● MATERIALS PROVIDED:
Content starts
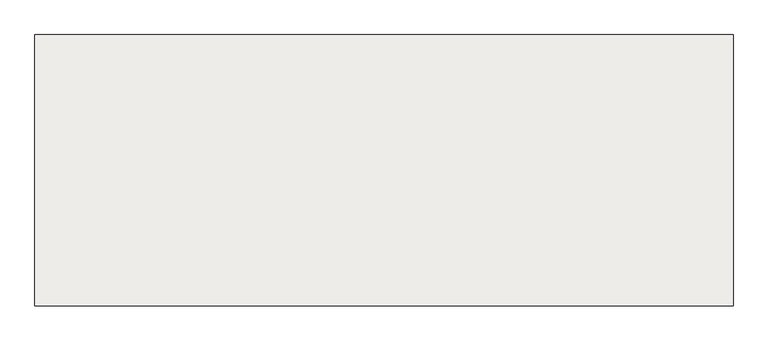
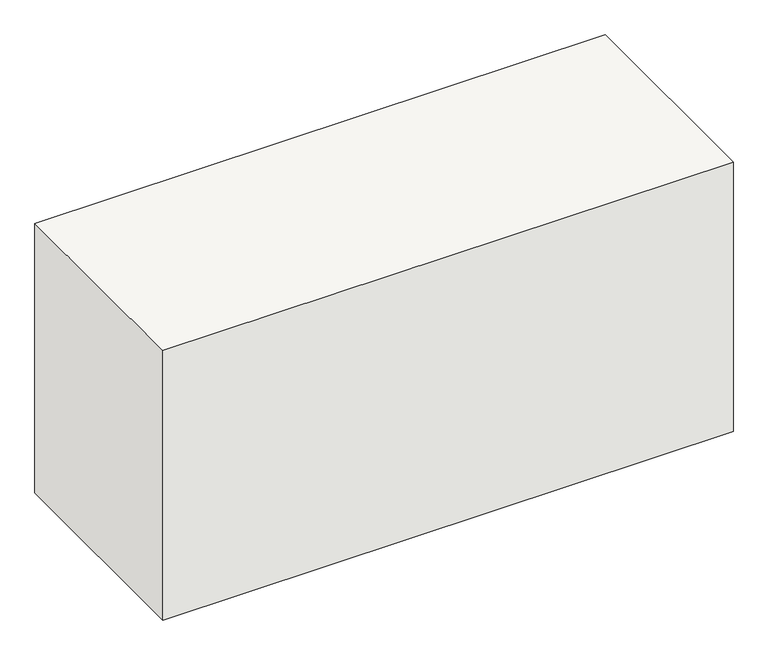
"""IFC4 building model written with IfcOpenShell, lengths in millimetres: slab geometry, NLRS_16_SFO_LB_funderingspoer meerpaals beton ihwg-MMBC-SH_gen_rsf : funderingspoer beton ihwg_gen__2-paals bxlxh 700x1800x1200."""

from ifc_helpers import new_model, si_unit, frame, origin, place, context, project, spatial, polyline, outline, extrude, source, transform, mapped, element, save


def slab_ec8fc613(model_context):
    return source(origin(), model_context, "Body", "SweptSolid", [
        extrude(outline(polyline([(900.0, 350.0), (900.0, -350.0), (-900.0, -350.0), (-900.0, 350.0), (900.0, 350.0)])), frame((0.0, 0.0, -1200.0), z_axis=(0.0, 0.0, 1.0), x_axis=(1.0, 0.0, 0.0)), (0.0, 0.0, 1.0), 900.0),
    ])


if __name__ == "__main__":
    model = new_model("IFC4")
    model_context = context("Model", 3, world=origin())
    ifc_project = project(units=[si_unit("LENGTHUNIT", "METRE", prefix="MILLI")], contexts=[model_context])
    site = spatial("IfcSite", under=ifc_project)
    building = spatial("IfcBuilding", under=site)
    placement = place(None, origin())
    slab_shape = slab_ec8fc613(model_context)
    element("IfcSlab", 1, ObjectType="NLRS_16_SFO_LB_funderingspoer meerpaals beton ihwg-MMBC-SH_gen_rsf : funderingspoer beton ihwg_gen__2-paals bxlxh 700x1800x1200", at=placement, inside=building, context=model_context, shape_type="MappedRepresentation", body=[
        mapped(slab_shape, transform((0.0, 0.0, 0.0), x_axis=(1.0, 0.0, 0.0), y_axis=(0.0, 1.0, 0.0), z_axis=(0.0, 0.0, 1.0))),
    ])
    save(model, "model.ifc")

# Revit data of these elements
# Type "NLRS_16_SFO_LB_funderingspoer meerpaals beton ihwg-MMBC-SH_gen_rsf : funderingspoer beton ihwg_gen__2-paals bxlxh 700x1800x1200"
#   Export Type to IFC As = "IfcFootingType"
#   Type IfcGUID = "1GXoSzV6T12eGHLrhjoRVK"
#   Type Comments = "2-paals poer 700x1800x1200"
#   Model = " "
#   Manufacturer = " "
#   Description = "2-paals poer 700x1800x1200"
#   Assembly Code = "16.13"
#   Width = 700 mm
#   Rough Height = 1200 mm
#   NLRS_C_lengte = 1800 mm
#   NLRS_C_hoogte = 1200 mm
#   NLRS_C_breedte = 700 mm
#   Length = 1800 mm
#   Height [instance default] = 1050 mm
#   Foundation Thickness = 1200 mm
#   Depth [instance default] = 150 mm
#   Structural Material = NLRS_f2_beton ihwg_gen_rsf
#   Keynote = ""
# Element 1 (IfcSlab, "NLRS_16_SFO_LB_funderingspoer meerpaals beton ihwg-MMBC-SH_gen_rsf : funderingspoer beton ihwg_gen__2-paals bxlxh 700x1800x1200")
#   Height = 900 mm
#   Depth = 300 mm
#   Materials on its faces: "NLRS_f2_beton ihwg_gen_rsf"
# Materials
#   "NLRS_f2_beton ihwg_gen_rsf": class "F - Niet gebakken kunststeen", colour RGB 129 133 118, transparency 0, Keynote = "f2", Manufacturer = "Revit Standards Foundation", URL = "www.revitstandards.org", Description = "beton ihwg", Cost = 0
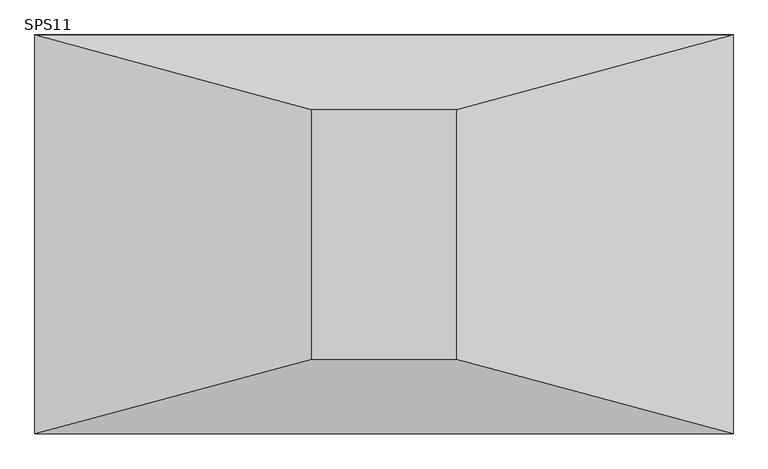
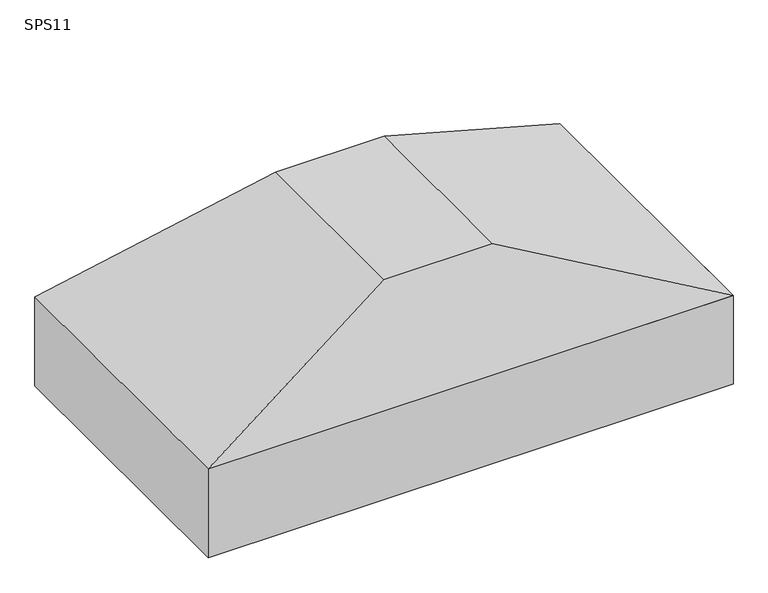
"""IFC4 building model written with IfcOpenShell, lengths in millimetres: fastener geometry, TQS - Sapata : SPS11."""

from ifc_helpers import new_model, si_unit, frame, origin, place, context, project, spatial, polyline, outline, extrude, faceted_brep, source, transform, mapped, element, save


def sps11_3ae28187(model_context):
    return source(origin(), model_context, "Body", "SolidModel", [
        faceted_brep([(-55.0, 50.0, 0.0), (-345.0, 50.0, 0.0), (-345.0, -450.0, 0.0), (-55.0, -450.0, 0.0), (500.0, 200.0, -250.0), (500.0, -600.0, -250.0), (-900.0, -600.0, -250.0), (-900.0, 200.0, -250.0)], [[[0, 1, 2, 3]], [[4, 5, 6, 7]], [[4, 7, 1, 0]], [[7, 6, 2, 1]], [[6, 5, 3, 2]], [[5, 4, 0, 3]]]),
        extrude(outline(polyline([(500.0, 200.0), (500.0, -600.0), (-900.0, -600.0), (-900.0, 200.0), (500.0, 200.0)])), frame((0.0, 0.0, -500.0), z_axis=(0.0, 0.0, 1.0), x_axis=(1.0, 0.0, 0.0)), (0.0, 0.0, 1.0), 250.0),
    ])


if __name__ == "__main__":
    model = new_model("IFC4")
    model_context = context("Model", 3, world=origin())
    ifc_project = project(units=[si_unit("LENGTHUNIT", "METRE", prefix="MILLI")], contexts=[model_context])
    site = spatial("IfcSite", under=ifc_project)
    building = spatial("IfcBuilding", under=site)
    placement = place(None, origin())
    sps11_shape = sps11_3ae28187(model_context)
    element("IfcFastener", 1, ObjectType="TQS - Sapata : SPS11", at=placement, inside=building, context=model_context, shape_type="MappedRepresentation", body=[
        mapped(sps11_shape, transform((0.0, 0.0, 0.0), x_axis=(1.0, 0.0, 0.0), y_axis=(0.0, 1.0, 0.0), z_axis=(0.0, 0.0, 1.0))),
    ])
    save(model, "model.ifc")

# Revit data of these elements
# Type "TQS - Sapata : SPS11"
#   TY = 0.50 m
#   TX = 0.29 m
#   HS = 0.50 m
#   H0 = 0.25 m
#   EXCYABS = 0.40 m
#   EXCY = 0.00 m
#   EXCXABS = 0.70 m
#   EXCX = 0.00 m
#   DIMY = 0.80 m
#   DIMX = 1.40 m
#   Material estrutural = Concreto - Concreto concretado no local
#   Width = 0
#   Length = 0
# Element 1 (IfcFastener, "TQS - Sapata : SPS11")
#   Materials on its faces: "Concreto - Concreto concretado no local"
# Materials
#   "Concreto - Concreto concretado no local": class "Concreto", colour RGB 192 192 192, transparency 0
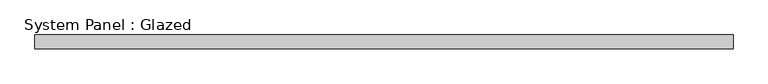
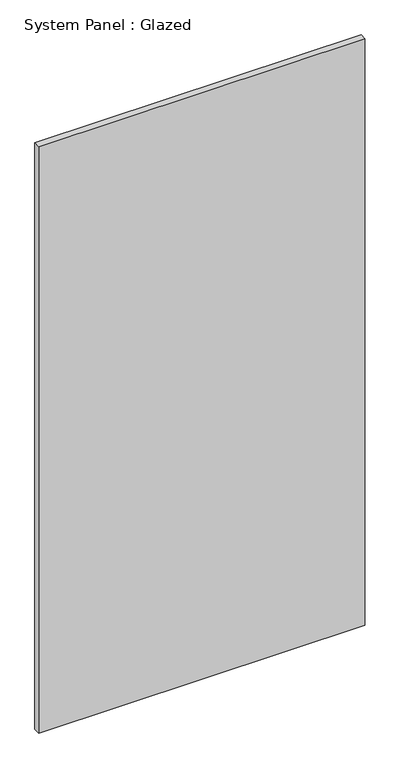
"""IFC4 building model written with IfcOpenShell, lengths in millimetres: plate geometry, System Panel : Glazed."""

from ifc_helpers import new_model, si_unit, origin, origin_with_axes, place, context, project, spatial, polyline, outline, extrude, source, transform, mapped, element, save


def system_panel_glazed_be4d4444(model_context):
    return source(origin(), model_context, "Body", "SweptSolid", [
        extrude(outline(polyline([(637.5, 24.5), (-637.5, 24.5), (-637.5, 49.5), (637.5, 49.5), (637.5, 24.5)])), origin_with_axes(), (0.0, 0.0, 1.0), 2422.0381538),
    ])


if __name__ == "__main__":
    model = new_model("IFC4")
    model_context = context("Model", 3, world=origin())
    ifc_project = project(units=[si_unit("LENGTHUNIT", "METRE", prefix="MILLI")], contexts=[model_context])
    site = spatial("IfcSite", under=ifc_project)
    building = spatial("IfcBuilding", under=site)
    placement = place(None, origin())
    system_panel_glazed_shape = system_panel_glazed_be4d4444(model_context)
    element("IfcPlate", 1, ObjectType="System Panel : Glazed", at=placement, inside=building, context=model_context, shape_type="MappedRepresentation", body=[
        mapped(system_panel_glazed_shape, transform((0.0, 0.0, 0.0), x_axis=(1.0, 0.0, 0.0), y_axis=(0.0, 1.0, 0.0), z_axis=(0.0, 0.0, 1.0))),
    ])
    save(model, "model.ifc")

# Revit data of these elements
# Type "System Panel : Glazed"
#   Keynote = "H11"
#   Construction Type Id = "GSP4R"
#   Analytic Construction = "1/8 in Pilkington single glazing"
#   Visual Light Transmittance = 0.9
#   Solar Heat Gain Coefficient = 0.86
#   Heat Transfer Coefficient (U) = 6.7069 W/(m²·K)
#   Define Thermal Properties by = 1
# Element 1 (IfcPlate, "System Panel : Glazed")
#   Materials on its faces: "Glass"
# Materials
#   "Glass": class "Glass", colour RGB 0 128 192, transparency 0.9, Description = "Soda Lime Glass", Cost = 0
Content ends
● TASK DESCRIPTION: Wherever the line holding "EXCY = 0.00 m" falls in the entries above, copy exactly from it through the line holding "192 192, transparency 0", inclusive, and add nothing.

● ANSWER TO THIS EXERCISE:
#   EXCY = 0.00 m
#   EXCXABS = 0.70 m
#   EXCX = 0.00 m
#   DIMY = 0.80 m
#   DIMX = 1.40 m
#   Material estrutural = Concreto - Concreto concretado no local
#   Width = 0
#   Length = 0
# Element 1 (IfcFastener, "TQS - Sapata : SPS11")
#   Materials on its faces: "Concreto - Concreto concretado no local"
# Materials
#   "Concreto - Concreto concretado no local": class "Concreto", colour RGB 192 192 192, transparency 0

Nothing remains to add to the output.